A great podcast which goes a few layers deeper in the Blockbuster story than we have ever heard. It is incredible how close Blockbuster came to the right answer on streaming (and avoiding that whole bankruptcy thing). Tough to imagine this happening in the current environment of large tech players buying everything that looks even remotely like competition:
But we can point out that Netflix itself thought it didn’t have a chance of unseating Blockbuster. That’s why Netflix co-founders Reed Hastings and Marc Randolph went to Blockbuster’s headquarters in 2000 and offered to sell their three-year-old company to their rival for $50 million. Blockbuster ended up trying to beat Netflix instead of buying it. And today Netflix is worth about $200 billion.
Ben Evans has updated his classic deck on tech in our current “new normal”. The updates start around slide 25. Lots of fascinating data on the adoption of various technologies and the impact of the pandemic on workers in here.

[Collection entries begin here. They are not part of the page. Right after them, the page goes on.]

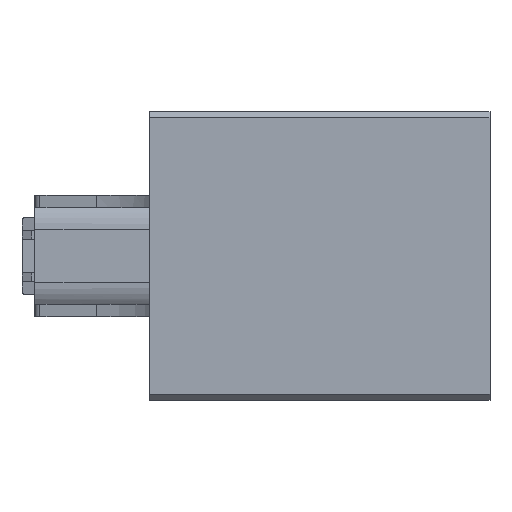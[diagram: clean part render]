
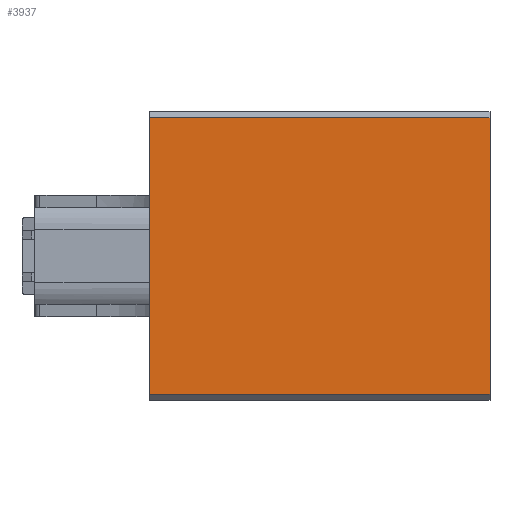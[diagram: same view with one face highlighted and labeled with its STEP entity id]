
A CAD part, front view. The second image highlights one B-rep face of the part: STEP entity #3937.
In plain terms, the highlighted planar face has unit normal (0, -1, 0).
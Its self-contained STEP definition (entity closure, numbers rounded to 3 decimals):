
#284 = ORIENTED_EDGE ( 'NONE', *, *, #8523, .T. ) ;
#1312 = VECTOR ( 'NONE', #9796, 1000. ) ;
#2192 = EDGE_CURVE ( 'NONE', #4047, #9035, #20831, .T. ) ;
#3459 = CARTESIAN_POINT ( 'NONE',  ( 0., -22.5, -21.5 ) ) ;
#3870 = VECTOR ( 'NONE', #16357, 1000. ) ;
#3937 = ADVANCED_FACE ( 'NONE', ( #22140 ), #15020, .F. ) ;
#4047 = VERTEX_POINT ( 'NONE', #13413 ) ;
#8523 = EDGE_CURVE ( 'NONE', #18502, #10432, #9620, .T. ) ;
#9018 = EDGE_CURVE ( 'NONE', #4047, #18502, #19704, .T. ) ;
#9035 = VERTEX_POINT ( 'NONE', #9603 ) ;
#9056 = EDGE_CURVE ( 'NONE', #10432, #9035, #10296, .T. ) ;
#9354 = DIRECTION ( 'NONE',  ( 1., 0., 0. ) ) ;
#9372 = CARTESIAN_POINT ( 'NONE',  ( 53., -22.5, -21.5 ) ) ;
#9603 = CARTESIAN_POINT ( 'NONE',  ( 53., -22.5, -21.5 ) ) ;
#9620 = LINE ( 'NONE', #16531, #3870 ) ;
#9709 = CARTESIAN_POINT ( 'NONE',  ( 53., -22.5, 21.5 ) ) ;
#9796 = DIRECTION ( 'NONE',  ( -1., 0., 0. ) ) ;
#10296 = LINE ( 'NONE', #9372, #19069 ) ;
#10432 = VERTEX_POINT ( 'NONE', #3459 ) ;
#12036 = EDGE_LOOP ( 'NONE', ( #284, #17149, #16153, #12911 ) ) ;
#12911 = ORIENTED_EDGE ( 'NONE', *, *, #9018, .T. ) ;
#13029 = DIRECTION ( 'NONE',  ( 0., 0., -1. ) ) ;
#13413 = CARTESIAN_POINT ( 'NONE',  ( 53., -22.5, 21.5 ) ) ;
#14774 = DIRECTION ( 'NONE',  ( 0., 0., 1. ) ) ;
#14794 = DIRECTION ( 'NONE',  ( 0., 1., 0. ) ) ;
#14820 = CARTESIAN_POINT ( 'NONE',  ( 53., -22.5, 22.5 ) ) ;
#15020 = PLANE ( 'NONE',  #22446 ) ;
#16153 = ORIENTED_EDGE ( 'NONE', *, *, #2192, .F. ) ;
#16357 = DIRECTION ( 'NONE',  ( 0., 0., -1. ) ) ;
#16531 = CARTESIAN_POINT ( 'NONE',  ( 0., -22.5, 22.5 ) ) ;
#17149 = ORIENTED_EDGE ( 'NONE', *, *, #9056, .T. ) ;
#17779 = VECTOR ( 'NONE', #13029, 1000. ) ;
#18502 = VERTEX_POINT ( 'NONE', #22123 ) ;
#19069 = VECTOR ( 'NONE', #9354, 1000. ) ;
#19704 = LINE ( 'NONE', #9709, #1312 ) ;
#20294 = CARTESIAN_POINT ( 'NONE',  ( 53., -22.5, 22.5 ) ) ;
#20831 = LINE ( 'NONE', #20294, #17779 ) ;
#22123 = CARTESIAN_POINT ( 'NONE',  ( 0., -22.5, 21.5 ) ) ;
#22140 = FACE_OUTER_BOUND ( 'NONE', #12036, .T. ) ;
#22446 = AXIS2_PLACEMENT_3D ( 'NONE', #14820, #14794, #14774 ) ;

“There are decades where nothing happens and there are weeks where decades happen” - Lenin
An excellent long form read from The New Yorker on the evolution of the restaurant industry. We are sure most people have heard of the “ghost-kitchen” trend at this point, but the scale of the fledgling industry was surprising to us. This would fall into the same basket as the accelerating technologies mentioned in the previous article:
Like Reef, many of the brands operated by CloudKitchens and the like are “virtual.” The branding and food are real, but the restaurants do not exist elsewhere in the physical world; consumers, presumably, are none the wiser. Uber Eats, which delivers from Reef and CloudKitchens, among others, has facilitated seven thousand virtual restaurants, more than four thousand of which are in North America. Using data from in-app searches, Uber Eats identifies opportunities for certain cuisines in various neighborhoods, then approaches existing brick-and-mortar restaurateurs to pitch them the idea of launching a virtual restaurant.
Some restaurant owners operate ten virtual brands from a single kitchen. In February, when the New York City Council held an oversight hearing on the impact of ghost kitchens on local businesses, Matt Newberg, an entrepreneur and independent journalist, testified that he had visited a CloudKitchens commissary in Los Angeles where twenty-seven kitchens, occupying eleven thousand square feet, operated a hundred and fifteen restaurants on delivery platforms.
Robinhood has taken the behavioral nudge playbook (confetti, push notifications, etc.) of many digital firms and applied them to an industry which has no business engaging in that type of encouragement, investing. This has led to a massive increase in risk taking amongst its users, and in one incredibly unfortunate case, a life lost. People’s hard-earned capital should be managed prudently, not gambled. We hope this is one tech trend that reverses sooner rather than later:
In the first three months of 2020, Robinhood users traded nine times as many shares as E-Trade customers, and 40 times as many shares as Charles Schwab customers, per dollar in the average customer account in the most recent quarter. They also bought and sold 88 times as many risky options contracts as Schwab customers, relative to the average account size, according to the analysis.